FERC imposes additional obstacles
Another energy storage valuation problem is now emerging on the NYISO market front. Over the past six months, FERC has rejected several of NYISO’s requests to change “buyer-side mitigation” rules in ways that would allow carbon-free resources to compete more effectively against fossil-fueled power plants that provide most of its capacity. While the details are complex, the upshot is that under FERC’s decisions, batteries may be forced to use minimum bid prices that could be too high to win a place in NYISO’s Installed Capacity market auctions, effectively blocking them from the market.
“To the extent that markets are attempting to adjust to state policy, FERC is providing a counterweight, saying, 'No, federal authority here will take precedence over state authority,'” Burwen said. “If you’re a storage resource [provider] that was thinking you were going to participate in capacity markets in NYISO, that’s now more challenging.”
On the other hand, falling battery prices and the growing sophistication of storage developers are likely to reduce the negative effect of FERC’s decisions, said NYISO CEO Dewey. “The treatment by the FERC is really all around the subsidies that they need to get from the New York state programs or any other programs to make them economic,” he said. But batteries will “certainly, within a year, be able to make profits without subsidy.”
NYC looks increasingly attractive for battery deployment
That view is backed up by Ananya Chaurey, energy market analyst at ICF. In the next several years, it’s likely that the cost of battery systems will fall below the costs of the combustion turbine units equipped with emissions controls that are required to operate in the New York City area, making batteries cost-competitive as an alternative, he said.
What’s more, NYISO is making changes that are likely to increase the value of energy and ancillary services in the New York City area, he said. That’s also going to alter the formulas that determine the minimum prices of resources, giving batteries another advantage, according to Chaurey.
The bigger question in determining how NYISO’s market rules will affect batteries’ economic competitiveness may lie in how complicated its rules for participation end up being and how quickly storage developers adapt to them, said Mike Alter, ICF’s senior consultant on distributed energy resources.
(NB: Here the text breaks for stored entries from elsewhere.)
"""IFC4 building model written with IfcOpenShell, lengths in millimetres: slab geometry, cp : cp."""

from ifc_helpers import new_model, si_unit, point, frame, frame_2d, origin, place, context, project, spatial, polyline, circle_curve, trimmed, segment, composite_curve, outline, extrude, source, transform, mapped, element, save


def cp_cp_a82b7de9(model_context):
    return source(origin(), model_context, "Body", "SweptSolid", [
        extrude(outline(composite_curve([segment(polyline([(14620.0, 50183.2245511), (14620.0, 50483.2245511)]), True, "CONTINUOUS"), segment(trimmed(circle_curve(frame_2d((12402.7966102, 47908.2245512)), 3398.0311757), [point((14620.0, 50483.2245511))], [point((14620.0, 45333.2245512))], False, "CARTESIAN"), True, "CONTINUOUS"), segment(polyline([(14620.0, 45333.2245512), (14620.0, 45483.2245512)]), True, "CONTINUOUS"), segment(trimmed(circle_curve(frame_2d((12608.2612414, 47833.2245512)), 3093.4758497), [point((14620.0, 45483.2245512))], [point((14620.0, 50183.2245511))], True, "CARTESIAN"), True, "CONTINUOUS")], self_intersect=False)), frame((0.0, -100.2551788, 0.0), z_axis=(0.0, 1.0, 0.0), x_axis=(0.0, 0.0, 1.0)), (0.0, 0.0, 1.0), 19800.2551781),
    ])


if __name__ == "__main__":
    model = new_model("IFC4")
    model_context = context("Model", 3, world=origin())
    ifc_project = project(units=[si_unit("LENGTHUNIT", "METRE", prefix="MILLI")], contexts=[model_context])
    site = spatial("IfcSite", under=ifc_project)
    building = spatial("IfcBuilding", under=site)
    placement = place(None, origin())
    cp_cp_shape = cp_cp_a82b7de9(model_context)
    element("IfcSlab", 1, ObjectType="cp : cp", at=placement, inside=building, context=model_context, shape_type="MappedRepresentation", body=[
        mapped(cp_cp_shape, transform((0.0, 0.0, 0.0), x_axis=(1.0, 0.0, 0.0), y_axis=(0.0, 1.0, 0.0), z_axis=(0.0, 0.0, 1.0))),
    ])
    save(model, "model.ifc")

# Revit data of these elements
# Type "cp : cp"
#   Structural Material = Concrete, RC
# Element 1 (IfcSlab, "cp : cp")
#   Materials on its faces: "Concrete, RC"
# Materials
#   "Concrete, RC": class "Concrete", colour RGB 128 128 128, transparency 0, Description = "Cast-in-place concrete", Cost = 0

“It puts a really important emphasis on trying to work out some of the kinks of dual participation," Alter said. Some resources, and especially batteries with inherent duration limitations, face "multiple obligations, some of which can even conflict with each other."
Developers will have to manage charge and discharge schedules against multiple obligations to utilities and wholesale market bids, and comply with capacity program must-offer obligations, all while ensuring availability for the utility services they’ve promised. The opportunities are big, but so is the pile of work to be done.